Fig. 2 – Time and experience of an ML-Engineer compared to a Data-Engineer.
Math/Stats = Mathematics and Statistics, includes your work with stat-languages like R.
Systems = Setting up and maintaining systems (e.g. ETL/ELT)
DBs = Database Systems (relational, non-relational)
SWE = Software Engineering (Python, Perl, Java, Scala, Go, JavaScript, …)
Exp. Field = Experience in the problem domain. Hours spent on the topic.

The Figures above illustrate exemplary careers and how much time and effort can be placed in each domain. The figures make suggestions and vary from individual to individual. For example the Data-Engineer in our example could also be called a Software Engineer that handles a lot of data and another engineer would need more experience working with databases compared to programming languages.
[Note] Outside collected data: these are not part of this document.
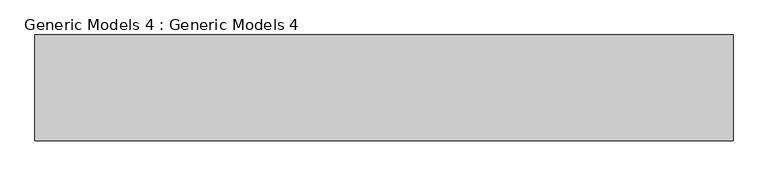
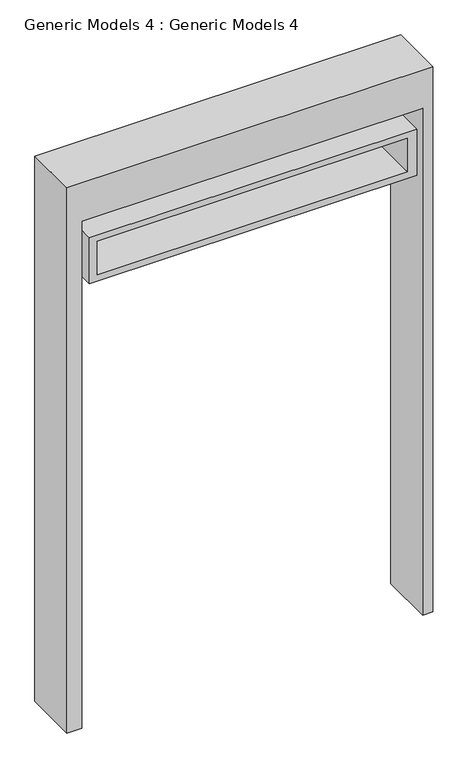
"""IFC4 building model written with IfcOpenShell, lengths in millimetres: proxy geometry, Generic Models 4 : Generic Models 4."""

import ifcopenshell
import ifcopenshell.guid

model = None  # the IFC model being written
_history = None  # IfcOwnerHistory: only IFC2X3 demands one
_inside = {}  # id of a spatial element -> (the spatial element, [elements in it])
_under = {}  # id of a project, library or spatial element -> (it, [spatial elements below it])
_declared = {}  # id of a project -> (the project, [libraries it declares])
_typed = {}  # id of a type object -> (the type object, [elements of that type])
_made_of = {}  # id of a material, layer set ... -> (it, [elements and type objects made of it])


def new_model(schema):
    """Start an empty IFC model of exactly this schema.

    Asked for "IFC4X3", IfcOpenShell would pick the latest addendum, in which some entities
    have other attributes; the version numbers below select the first issue.
    IFC2X3 requires an IfcOwnerHistory on every rooted entity: one is made here for all.
    """
    global model, _history
    if schema == "IFC4X3":
        model = ifcopenshell.file(schema_version=(4, 3, 0, 0))
    else:
        model = ifcopenshell.file(schema=schema)
    _inside.clear()
    _under.clear()
    _declared.clear()
    _typed.clear()
    _made_of.clear()
    _history = None
    if model.schema == "IFC2X3":
        org = make("IfcOrganization", Name="unknown")
        user = make(
            "IfcPersonAndOrganization",
            ThePerson=make("IfcPerson", FamilyName="unknown"),
            TheOrganization=org,
        )
        app = make(
            "IfcApplication",
            ApplicationDeveloper=org,
            Version="unknown",
            ApplicationFullName="unknown",
            ApplicationIdentifier="unknown",
        )
        _history = make(
            "IfcOwnerHistory",
            OwningUser=user,
            OwningApplication=app,
            ChangeAction="ADDED",
            CreationDate=0,
        )
    return model


def make(cls, **values):
    """One entity of the class cls with the attributes given. An attribute that is None is left unset."""
    return model.create_entity(
        cls, **{name: value for name, value in values.items() if value is not None}
    )


def rooted(cls, **values):
    """An entity with a GlobalId (a new one), such as an element, a storey or a relation."""
    return make(cls, GlobalId=ifcopenshell.guid.new(), OwnerHistory=_history, **values)


def si_unit(unit_type, name, prefix=None):
    """IfcSIUnit, for example si_unit("LENGTHUNIT", "METRE", prefix="MILLI")."""
    return make("IfcSIUnit", UnitType=unit_type, Prefix=prefix, Name=name)


def assignment(units):
    """IfcUnitAssignment: the units of a project."""
    return None if units is None else make("IfcUnitAssignment", Units=units)


def point(xyz):
    """IfcCartesianPoint."""
    return None if xyz is None else make("IfcCartesianPoint", Coordinates=xyz)


def direction(xyz):
    """IfcDirection."""
    return None if xyz is None else make("IfcDirection", DirectionRatios=xyz)


def frame(location, z_axis=None, x_axis=None):
    """IfcAxis2Placement3D, a coordinate frame: its origin and axes. An axis left out is left unset."""
    return make(
        "IfcAxis2Placement3D",
        Location=point(location),
        Axis=direction(z_axis),
        RefDirection=direction(x_axis),
    )


def origin():
    """The frame at (0, 0, 0) with its axes left unset."""
    return frame((0.0, 0.0, 0.0))


def place(relative_to, where):
    """IfcLocalPlacement: puts the frame where relative to a parent placement (None: the world)."""
    return make(
        "IfcLocalPlacement", PlacementRelTo=relative_to, RelativePlacement=where
    )


def context(
    kind, dimensions, precision=None, world=None, true_north=None, identifier=None
):
    """IfcGeometricRepresentationContext, for example the 3D "Model" context."""
    return make(
        "IfcGeometricRepresentationContext",
        ContextIdentifier=identifier,
        ContextType=kind,
        CoordinateSpaceDimension=dimensions,
        Precision=precision,
        WorldCoordinateSystem=world,
        TrueNorth=true_north,
    )


def project(units=None, contexts=None):
    """IfcProject with its units and contexts."""
    return rooted(
        "IfcProject",
        Name="project",
        RepresentationContexts=contexts,
        UnitsInContext=assignment(units),
    )


def spatial(cls, under=None, at=None, **own):
    """A site, building, storey or space (cls), placed at a placement, below another one or the project."""
    s = rooted(cls, ObjectPlacement=at, **own)
    if under is not None:
        _under.setdefault(under.id(), (under, []))[1].append(s)
    return s


def polyline(points):
    """IfcPolyline through the points."""
    return make("IfcPolyline", Points=[point(p) for p in points])


def outline(outer, holes=None, kind="AREA"):
    """IfcArbitraryClosedProfileDef: a profile drawn as a closed curve; with holes, ...WithVoids."""
    if holes is None:
        return make("IfcArbitraryClosedProfileDef", ProfileType=kind, OuterCurve=outer)
    return make(
        "IfcArbitraryProfileDefWithVoids",
        ProfileType=kind,
        OuterCurve=outer,
        InnerCurves=holes,
    )


def extrude(swept, where, along, depth):
    """IfcExtrudedAreaSolid: the profile swept, set in the frame where, extruded along a direction by depth."""
    return make(
        "IfcExtrudedAreaSolid",
        SweptArea=swept,
        Position=where,
        ExtrudedDirection=direction(along),
        Depth=depth,
    )


def shape(context_of_items, identifier, shape_type, items):
    """IfcShapeRepresentation: the items that make up one representation, for example the "Body"."""
    return make(
        "IfcShapeRepresentation",
        ContextOfItems=context_of_items,
        RepresentationIdentifier=identifier,
        RepresentationType=shape_type,
        Items=items,
    )


def source(mapping_origin, context_of_items, identifier, shape_type, items):
    """IfcRepresentationMap: a shape defined once, which mapped items show again and again."""
    return make(
        "IfcRepresentationMap",
        MappingOrigin=mapping_origin,
        MappedRepresentation=shape(context_of_items, identifier, shape_type, items),
    )


def transform(
    local_origin,
    x_axis=None,
    y_axis=None,
    z_axis=None,
    scale=None,
    scale2=None,
    scale3=None,
    uniform=True,
):
    """IfcCartesianTransformationOperator3D, or its non-uniform kind. x_axis, y_axis, z_axis: its Axis1, 2, 3."""
    if uniform:
        return make(
            "IfcCartesianTransformationOperator3D",
            Axis1=direction(x_axis),
            Axis2=direction(y_axis),
            LocalOrigin=point(local_origin),
            Scale=scale,
            Axis3=direction(z_axis),
        )
    return make(
        "IfcCartesianTransformationOperator3DnonUniform",
        Axis1=direction(x_axis),
        Axis2=direction(y_axis),
        LocalOrigin=point(local_origin),
        Scale=scale,
        Axis3=direction(z_axis),
        Scale2=scale2,
        Scale3=scale3,
    )


def mapped(mapping_source, mapping_target):
    """IfcMappedItem: shows the shape of a source again, moved by a transform."""
    return make(
        "IfcMappedItem", MappingSource=mapping_source, MappingTarget=mapping_target
    )


def made_of(thing, what):
    """Note that an element or type object is made of a material, layer set ...; save() writes the relation."""
    if what is not None:
        _made_of.setdefault(what.id(), (what, []))[1].append(thing)
    return thing


def element(
    cls,
    number,
    at=None,
    inside=None,
    cuts=None,
    type_object=None,
    material=None,
    context=None,
    identifier="Body",
    shape_type=None,
    held_by="IfcProductDefinitionShape",
    body=None,
    shapes=None,
    **own,
):
    """One element of the class cls, such as IfcWall. Its Tag is "e" and its number.

    at: its placement. inside: the storey or other place that contains it. cuts: it is an
    opening in that element (IfcRelVoidsElement). A single representation is given by context,
    identifier, shape_type and body (its items); several are given by shapes. held_by: the class
    of the entity that holds the representations. save() writes the other relations.
    """
    e = rooted(cls, Tag="e%d" % number, ObjectPlacement=at, **own)
    if body is not None:
        shapes = [shape(context, identifier, shape_type, body)]
    if shapes is not None:
        e.Representation = make(held_by, Representations=shapes)
    if inside is not None:
        _inside.setdefault(inside.id(), (inside, []))[1].append(e)
    if cuts is not None:
        rooted(
            "IfcRelVoidsElement", RelatingBuildingElement=cuts, RelatedOpeningElement=e
        )
    if type_object is not None:
        _typed.setdefault(type_object.id(), (type_object, []))[1].append(e)
    return made_of(e, material)


def aggregate(whole, parts):
    """IfcRelAggregates: a whole, such as a stair, and the parts it consists of."""
    return rooted("IfcRelAggregates", RelatingObject=whole, RelatedObjects=parts)


def save(model, path):
    """Write the relations noted so far, then the file.

    IfcRelAggregates (storeys below a building ...), IfcRelContainedInSpatialStructure (elements
    in a storey), IfcRelDefinesByType, IfcRelAssociatesMaterial and IfcRelDeclares: one each for
    every whole, place, type object, material and project.
    """
    for whole, parts in _under.values():
        aggregate(whole, parts)
    for where, things in _inside.values():
        rooted(
            "IfcRelContainedInSpatialStructure",
            RelatedElements=things,
            RelatingStructure=where,
        )
    for kind, things in _typed.values():
        rooted("IfcRelDefinesByType", RelatedObjects=things, RelatingType=kind)
    for what, things in _made_of.values():
        rooted("IfcRelAssociatesMaterial", RelatedObjects=things, RelatingMaterial=what)
    for by, libraries in _declared.values():
        rooted("IfcRelDeclares", RelatingContext=by, RelatedDefinitions=libraries)
    model.write(path)


def generic_models_4_generic_models_4_7a945247(model_context):
    return source(origin(), model_context, "Body", "SweptSolid", [
        extrude(outline(polyline([(2963.5829413, 35551.6259926), (360.0, 35551.6259926), (360.0, 35617.9045275), (2780.0, 35617.9045275), (2780.0, 37157.9045275), (360.0, 37157.9045275), (360.0, 37204.1830624), (2963.5829413, 37204.1830624), (2963.5829413, 35551.6259926)])), frame((0.0, 28193.7215248, 0.0), z_axis=(0.0, 1.0, 0.0), x_axis=(0.0, 0.0, 1.0)), (0.0, 0.0, 1.0), 250.0),
        extrude(outline(polyline([(2470.0, 35652.9045275), (2470.0, 37132.9045275), (2690.0, 37132.9045275), (2690.0, 35652.9045275), (2470.0, 35652.9045275)]), holes=[polyline([(2661.42938, 37089.2732688), (2501.42938, 37089.2732688), (2501.42938, 35689.2732688), (2661.42938, 35689.2732688), (2661.42938, 37089.2732688)])]), frame((0.0, 28193.7215248, 0.0), z_axis=(0.0, 1.0, 0.0), x_axis=(0.0, 0.0, 1.0)), (0.0, 0.0, 1.0), 250.0),
    ])


if __name__ == "__main__":
    model = new_model("IFC4")
    model_context = context("Model", 3, world=origin())
    ifc_project = project(units=[si_unit("LENGTHUNIT", "METRE", prefix="MILLI")], contexts=[model_context])
    site = spatial("IfcSite", under=ifc_project)
    building = spatial("IfcBuilding", under=site)
    placement = place(None, origin())
    generic_models_4_generic_models_4_shape = generic_models_4_generic_models_4_7a945247(model_context)
    element("IfcBuildingElementProxy", 1, Name="Generic Models 4 : Generic Models 4", ObjectType="Generic Models 4 : Generic Models 4", at=placement, inside=building, context=model_context, shape_type="MappedRepresentation", body=[
        mapped(generic_models_4_generic_models_4_shape, transform((0.0, 0.0, 0.0), x_axis=(1.0, 0.0, 0.0), y_axis=(0.0, 1.0, 0.0), z_axis=(0.0, 0.0, 1.0))),
    ])
    save(model, "model.ifc")
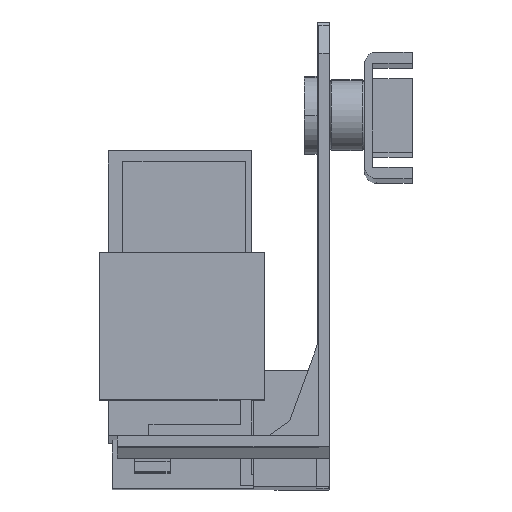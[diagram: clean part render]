
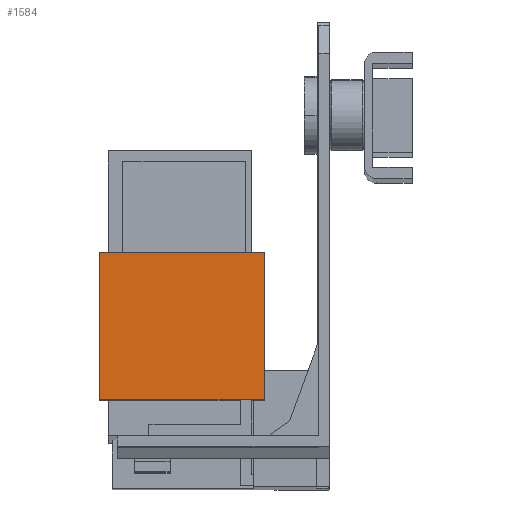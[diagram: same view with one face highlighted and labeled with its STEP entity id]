
A CAD part, front view. The second image highlights one B-rep face of the part: STEP entity #1584.
In plain terms, the highlighted planar face has unit normal (0, -1, 0.003).
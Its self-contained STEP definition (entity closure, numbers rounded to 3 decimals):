
#140 = AXIS2_PLACEMENT_3D ( 'NONE', #6418, #6424, #6425 ) ;
#1021 = EDGE_CURVE ( 'NONE', #7275, #9484, #8394, .T. ) ;
#1074 = EDGE_CURVE ( 'NONE', #9484, #9434, #8478, .T. ) ;
#1120 = EDGE_CURVE ( 'NONE', #9485, #9434, #8544, .T. ) ;
#1367 = EDGE_CURVE ( 'NONE', #7275, #9485, #3145, .T. ) ;
#1584 = ADVANCED_FACE ( 'NONE', ( #3524 ), #6415, .T. ) ;
#3145 = LINE ( 'NONE', #5681, #3148 ) ;
#3148 = VECTOR ( 'NONE', #5682, 1000. ) ;
#3524 = FACE_OUTER_BOUND ( 'NONE', #7638, .T. ) ;
#4968 = CARTESIAN_POINT ( 'NONE',  ( -9.3, -29.009, -40.322 ) ) ;
#4969 = DIRECTION ( 'NONE',  ( -1., 0., 0. ) ) ;
#5067 = CARTESIAN_POINT ( 'NONE',  ( -32.7, -29.009, -40.322 ) ) ;
#5068 = DIRECTION ( 'NONE',  ( 0., 0.003, 1. ) ) ;
#5169 = CARTESIAN_POINT ( 'NONE',  ( -9.3, -28.952, -19.322 ) ) ;
#5170 = DIRECTION ( 'NONE',  ( -1., 0., 0. ) ) ;
#5681 = CARTESIAN_POINT ( 'NONE',  ( -9.3, -29.009, -40.322 ) ) ;
#5682 = DIRECTION ( 'NONE',  ( 0., 0.003, 1. ) ) ;
#6415 = PLANE ( 'NONE',  #140 ) ;
#6418 = CARTESIAN_POINT ( 'NONE',  ( -9.3, -29.009, -40.322 ) ) ;
#6424 = DIRECTION ( 'NONE',  ( 0., -1., 0.003 ) ) ;
#6425 = DIRECTION ( 'NONE',  ( 1., 0., 0. ) ) ;
#6952 = CARTESIAN_POINT ( 'NONE',  ( -9.3, -29.009, -40.322 ) ) ;
#7140 = CARTESIAN_POINT ( 'NONE',  ( -32.7, -28.952, -19.322 ) ) ;
#7194 = CARTESIAN_POINT ( 'NONE',  ( -32.7, -29.009, -40.322 ) ) ;
#7195 = CARTESIAN_POINT ( 'NONE',  ( -9.3, -28.952, -19.322 ) ) ;
#7275 = VERTEX_POINT ( 'NONE', #6952 ) ;
#7638 = EDGE_LOOP ( 'NONE', ( #7754, #7755, #7756, #7757 ) ) ;
#7754 = ORIENTED_EDGE ( 'NONE', *, *, #1120, .T. ) ;
#7755 = ORIENTED_EDGE ( 'NONE', *, *, #1074, .F. ) ;
#7756 = ORIENTED_EDGE ( 'NONE', *, *, #1021, .F. ) ;
#7757 = ORIENTED_EDGE ( 'NONE', *, *, #1367, .T. ) ;
#8394 = LINE ( 'NONE', #4968, #8395 ) ;
#8395 = VECTOR ( 'NONE', #4969, 1000. ) ;
#8478 = LINE ( 'NONE', #5067, #8479 ) ;
#8479 = VECTOR ( 'NONE', #5068, 1000. ) ;
#8544 = LINE ( 'NONE', #5169, #8545 ) ;
#8545 = VECTOR ( 'NONE', #5170, 1000. ) ;
#9434 = VERTEX_POINT ( 'NONE', #7140 ) ;
#9484 = VERTEX_POINT ( 'NONE', #7194 ) ;
#9485 = VERTEX_POINT ( 'NONE', #7195 ) ;
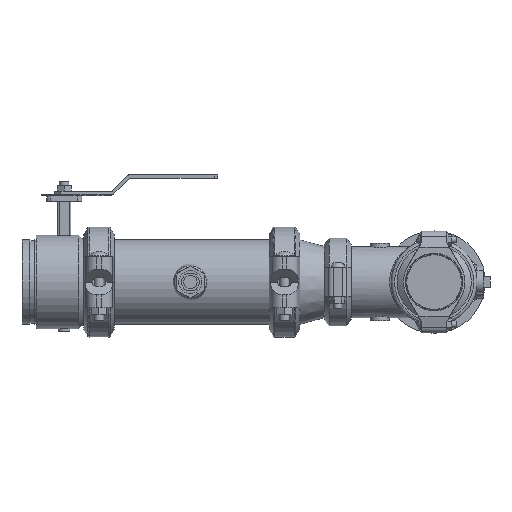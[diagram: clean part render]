
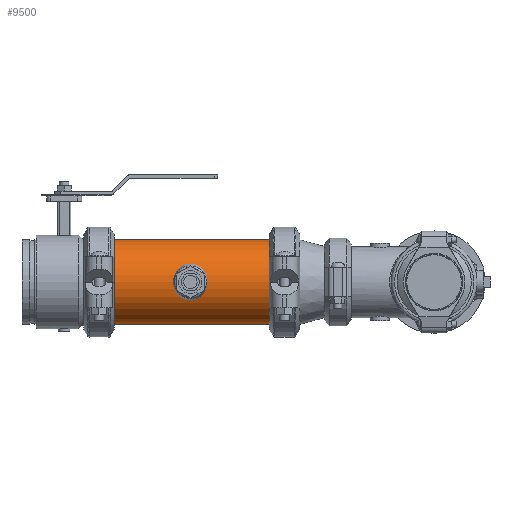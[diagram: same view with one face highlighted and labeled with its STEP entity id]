
A CAD part, left-side view. The second image highlights one B-rep face of the part: STEP entity #9500.
In plain terms, the highlighted cylindrical face has radius 84.138 mm (diameter 168.275 mm), a full revolution.
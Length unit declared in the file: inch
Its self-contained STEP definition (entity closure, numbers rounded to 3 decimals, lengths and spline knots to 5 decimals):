
#868=FACE_OUTER_BOUND('',#1464,.T.);
#1464=EDGE_LOOP('',(#7189,#7190,#7191,#7192,#7193,#7194));
#2088=CIRCLE('',#10553,3.3125);
#2089=CIRCLE('',#10554,3.3125);
#2090=CIRCLE('',#10556,3.3125);
#2091=CIRCLE('',#10557,3.3125);
#2645=LINE('',#16334,#3325);
#3325=VECTOR('',#12526,3.3125);
#4149=VERTEX_POINT('',#16325);
#4150=VERTEX_POINT('',#16326);
#4151=VERTEX_POINT('',#16330);
#4152=VERTEX_POINT('',#16331);
#5235=EDGE_CURVE('',#4149,#4150,#2088,.T.);
#5236=EDGE_CURVE('',#4150,#4149,#2089,.T.);
#5237=EDGE_CURVE('',#4151,#4152,#2090,.T.);
#5238=EDGE_CURVE('',#4152,#4151,#2091,.T.);
#5239=EDGE_CURVE('',#4152,#4150,#2645,.T.);
#7189=ORIENTED_EDGE('',*,*,#5237,.F.);
#7190=ORIENTED_EDGE('',*,*,#5238,.F.);
#7191=ORIENTED_EDGE('',*,*,#5239,.T.);
#7192=ORIENTED_EDGE('',*,*,#5236,.T.);
#7193=ORIENTED_EDGE('',*,*,#5235,.T.);
#7194=ORIENTED_EDGE('',*,*,#5239,.F.);
#8631=CYLINDRICAL_SURFACE('',#10555,3.3125);
#9500=ADVANCED_FACE('',(#868),#8631,.T.);
#10553=AXIS2_PLACEMENT_3D('',#16327,#12516,#12517);
#10554=AXIS2_PLACEMENT_3D('',#16328,#12518,#12519);
#10555=AXIS2_PLACEMENT_3D('',#16329,#12520,#12521);
#10556=AXIS2_PLACEMENT_3D('',#16332,#12522,#12523);
#10557=AXIS2_PLACEMENT_3D('',#16333,#12524,#12525);
#12516=DIRECTION('center_axis',(0.,-1.,0.));
#12517=DIRECTION('ref_axis',(1.,0.,0.));
#12518=DIRECTION('center_axis',(0.,-1.,0.));
#12519=DIRECTION('ref_axis',(1.,0.,0.));
#12520=DIRECTION('center_axis',(0.,-1.,0.));
#12521=DIRECTION('ref_axis',(1.,0.,0.));
#12522=DIRECTION('center_axis',(0.,-1.,0.));
#12523=DIRECTION('ref_axis',(1.,0.,0.));
#12524=DIRECTION('center_axis',(0.,-1.,0.));
#12525=DIRECTION('ref_axis',(1.,0.,0.));
#12526=DIRECTION('',(0.,1.,0.));
#16325=CARTESIAN_POINT('',(3.3125,6.1175,0.));
#16326=CARTESIAN_POINT('',(-3.3125,6.1175,0.));
#16327=CARTESIAN_POINT('Origin',(0.,6.1175,0.));
#16328=CARTESIAN_POINT('Origin',(0.,6.1175,0.));
#16329=CARTESIAN_POINT('Origin',(0.,0.,
0.));
#16330=CARTESIAN_POINT('',(3.3125,-6.1175,0.));
#16331=CARTESIAN_POINT('',(-3.3125,-6.1175,0.));
#16332=CARTESIAN_POINT('Origin',(0.,-6.1175,0.));
#16333=CARTESIAN_POINT('Origin',(0.,-6.1175,0.));
#16334=CARTESIAN_POINT('',(-3.3125,0.,0.));

As with everything in life the lines are blurred. Sometimes a Data Scientist is also does the work of a ML Engineer and vice versa. Sometimes a Data Scientist also has to do Analytics Dashboards. Stranger things have happened in the past. Keep in mind that the 10k budget is your entry and gives you a direction into the field and not your specialization. So you have all the freedom in the world to eventually do that PhD in Parapsychology that you’ve always wanted.

How much work is ten thousand hours

10k hours is a long time. if you were to work for one year that would be 27h per day and not so feasible for the average mortal.
So better 3 years of work for around 9 h might be better suited.
If you’re studying on the side and look for a change in your job at some point in the future, then you might be set after a couple more years. The important part is to be consistent with it. A couple of quality hours a day over a few years will get you a long way.

Personal Note

My journey started in October 2016 coming from systems administration and starting a new undergraduate program. Now that it is July 2020 it has been around 1360 days of gaining experience in the field. Therefore I am in the field of >7500 h (with over 5.5h every day) and still continue to study and learn a lot every day. My undergraduate program in Cognitive Science helped me get a head-start in the fields of computer science, applied mathematics, Bayesian statistics, DB systems, formal logic, Machine Learning courses and much more. This together with working as a Data Engineer part-time helped me gain a lot of insights really quickly.

The Key element

I don’t care if your do your 10 thousand hours at Uni, in school, at seminars or at home.
Nobody cares. You have to show your work. A degree, if done right, can show this – but it doesn’t have to. It is about gaining experience in the field by solving problems and gaining proficiency with concepts.
Solve a problem and put it in a portfolio, your resume or simply your github-repository.
Whatever works best for you. People hire for your problem solving skills. Not for the A that you got on that one project 2 years ago. You might say that it was a really cool project altogether.
That’s great! if you made a dent in the universe you should tell people about it anyways.

The journey is a long one and if you enjoy what you do it is worthwhile. You will learn a lot along the way.

A short Disclaimer: Always keep in mind that there are different fields of Data Science related work out in the wild.
Every job has its specific purpose and requires a different tool-sets.
Every employer might look for different sets of skills.